In today’s challenging labor market, companies are struggling to find job candidates with the right experience or the relevant skills – according to a report from CareerBuilder, 45% of employers have jobs they can’t fill because they can’t find qualified candidates.
But the world keeps spinning, and those jobs need to be filled whether or not the “perfect” candidate is available. Many companies are making up for the gap by hiring not for skills but for potential. From there, companies can invest in training to get high-potential candidates up to speed, turning green candidates into seasoned, high-performing members of your team.
But this begs the question – what is potential, and how do you actually identify it in your candidates?
Potential: Looking to the Future
Potential is the capacity to develop into something in the future. When it comes to job applicants, “potential” doesn’t necessarily have anything to do with what a candidate has accomplished so far. It’s really about what they could accomplish down the road based on the qualities they already possess.
This implies that you need to do a little bit of predicting. The goal is to predict which candidates will end up succeeding in the future based on what limited information you have about their experiences so far. Fortunately, there are a couple of ways you can identify signs of potential in your candidates.
In one report, 92% of HR leaders said soft skills were a top priority when finding great talent. Soft skills aren’t as easy to pin down as hard skills. While hard skills represent acquired abilities that someone has learned in the past (like typing or Excel skills), soft skills are more innate, and they relate to things that impact someone’s ability to work with others and perform their job effectively. Some of the soft skills that are most desirable in the workplace are things like problem solving, critical thinking, learning ability, attention to detail, and communication skills.
This also means that soft skills are harder (if not impossible) to train, making it even more important to identify candidates that have these skills up front.

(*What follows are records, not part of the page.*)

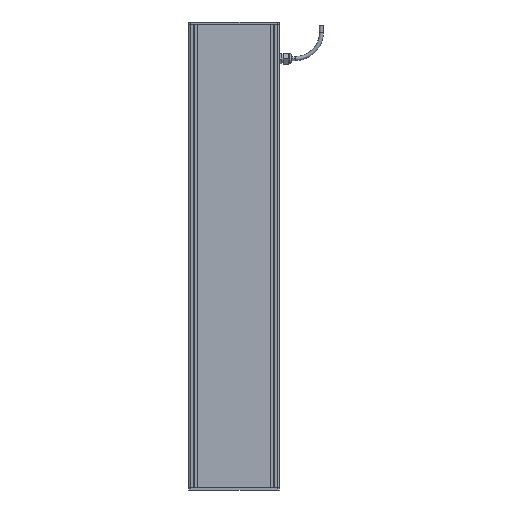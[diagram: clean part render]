
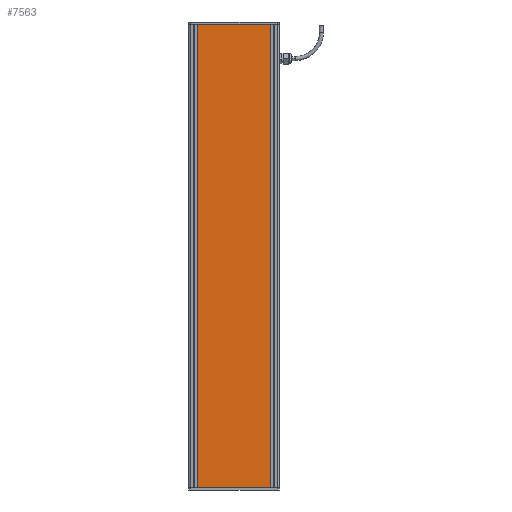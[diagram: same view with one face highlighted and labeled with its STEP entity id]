
A CAD part, front view. The second image highlights one B-rep face of the part: STEP entity #7563.
In plain terms, the highlighted planar face has unit normal (0, -1, 0) as drawn and (0, 0, 1) by its records, which use the part's own axes.
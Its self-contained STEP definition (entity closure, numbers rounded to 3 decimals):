
#9 = DIRECTION ( 'NONE',  ( 1., 0., 0. ) ) ;
#176 = CARTESIAN_POINT ( 'NONE',  ( -9., -950., 0. ) ) ;
#622 = CARTESIAN_POINT ( 'NONE',  ( -159., 0., 0. ) ) ;
#716 = DIRECTION ( 'NONE',  ( -1., 0., 0. ) ) ;
#723 = VERTEX_POINT ( 'NONE', #3192 ) ;
#2551 = ORIENTED_EDGE ( 'NONE', *, *, #7909, .T. ) ;
#2918 = CARTESIAN_POINT ( 'NONE',  ( -9., 0., 0. ) ) ;
#3188 = PLANE ( 'NONE',  #13956 ) ;
#3192 = CARTESIAN_POINT ( 'NONE',  ( -159., -950., 0. ) ) ;
#3679 = VECTOR ( 'NONE', #716, 1000. ) ;
#5313 = FACE_OUTER_BOUND ( 'NONE', #6819, .T. ) ;
#5837 = CARTESIAN_POINT ( 'NONE',  ( -159., 0., 0. ) ) ;
#5866 = EDGE_CURVE ( 'NONE', #723, #14359, #12051, .T. ) ;
#5912 = LINE ( 'NONE', #5837, #13427 ) ;
#6819 = EDGE_LOOP ( 'NONE', ( #15170, #6901, #2551, #8172 ) ) ;
#6901 = ORIENTED_EDGE ( 'NONE', *, *, #9465, .T. ) ;
#7563 = ADVANCED_FACE ( 'NONE', ( #5313 ), #3188, .F. ) ;
#7727 = DIRECTION ( 'NONE',  ( 0., 1., 0. ) ) ;
#7909 = EDGE_CURVE ( 'NONE', #8092, #723, #5912, .T. ) ;
#7985 = CARTESIAN_POINT ( 'NONE',  ( 0., 0., 0. ) ) ;
#8092 = VERTEX_POINT ( 'NONE', #622 ) ;
#8172 = ORIENTED_EDGE ( 'NONE', *, *, #5866, .T. ) ;
#8264 = CARTESIAN_POINT ( 'NONE',  ( -9., 0., 0. ) ) ;
#8921 = DIRECTION ( 'NONE',  ( 0., 0., -1. ) ) ;
#9465 = EDGE_CURVE ( 'NONE', #10649, #8092, #10379, .T. ) ;
#10379 = LINE ( 'NONE', #8264, #3679 ) ;
#10649 = VERTEX_POINT ( 'NONE', #13082 ) ;
#11760 = EDGE_CURVE ( 'NONE', #14359, #10649, #13695, .T. ) ;
#12051 = LINE ( 'NONE', #176, #13294 ) ;
#12992 = DIRECTION ( 'NONE',  ( 0., -1., 0. ) ) ;
#13082 = CARTESIAN_POINT ( 'NONE',  ( -9., 0., 0. ) ) ;
#13294 = VECTOR ( 'NONE', #9, 1000. ) ;
#13427 = VECTOR ( 'NONE', #12992, 1000. ) ;
#13695 = LINE ( 'NONE', #2918, #14876 ) ;
#13956 = AXIS2_PLACEMENT_3D ( 'NONE', #7985, #8921, #14993 ) ;
#14359 = VERTEX_POINT ( 'NONE', #14568 ) ;
#14568 = CARTESIAN_POINT ( 'NONE',  ( -9., -950., 0. ) ) ;
#14876 = VECTOR ( 'NONE', #7727, 1000. ) ;
#14993 = DIRECTION ( 'NONE',  ( -1., 0., 0. ) ) ;
#15170 = ORIENTED_EDGE ( 'NONE', *, *, #11760, .T. ) ;

While an interview can be used as an opportunity to get a sense of a candidate’s people skills, another way to highlight these skills is through pre-employment assessments. Assessments can evaluate some of the major qualities like critical thinking, motivation, or conscientiousness by asking questions that indirectly measure them. They can also minimize some of the bias that comes out of the interview process, by measuring soft skills in an objective and standardized way that makes it easier to compare candidates with each other.
(Interested in learning more about soft skills? Watch our on-demand webinar: "Hiring for Soft Skills: 3 Strategies to Find the Best Candidates.")
When you hire candidates based on potential rather than previous experience, it’s assumed that your candidates will go through a significant amount of training to get caught up to speed. For this reason, the single most important component of candidate potential may be learning ability. The ability to learn quickly and to apply new information to everyday situations ensures that your candidates will be able to pick up on training fast, reducing the time it takes before you’ve turned the candidate into a full contributor.
Learning ability is a major dimension of cognitive aptitude, which is one of the most predictive factors of job performance. In fact, cognitive aptitude assessments are twice as predictive of performance as job interviews, three times as predictive as work experience, and four times as predictive as education level.
Why do we care so much about prediction? Again, when you’re hiring for potential, you are essentially making a prediction about which candidates will succeed in the future. Often you have to make this decision based on an applicant pool full of candidates who have limited job experience and have had little opportunity to prove themselves in past roles. When faced with sparse resumes, you need to know when you should take a chance on a stretch candidate, and searching for “potential” can guide you in the right direction.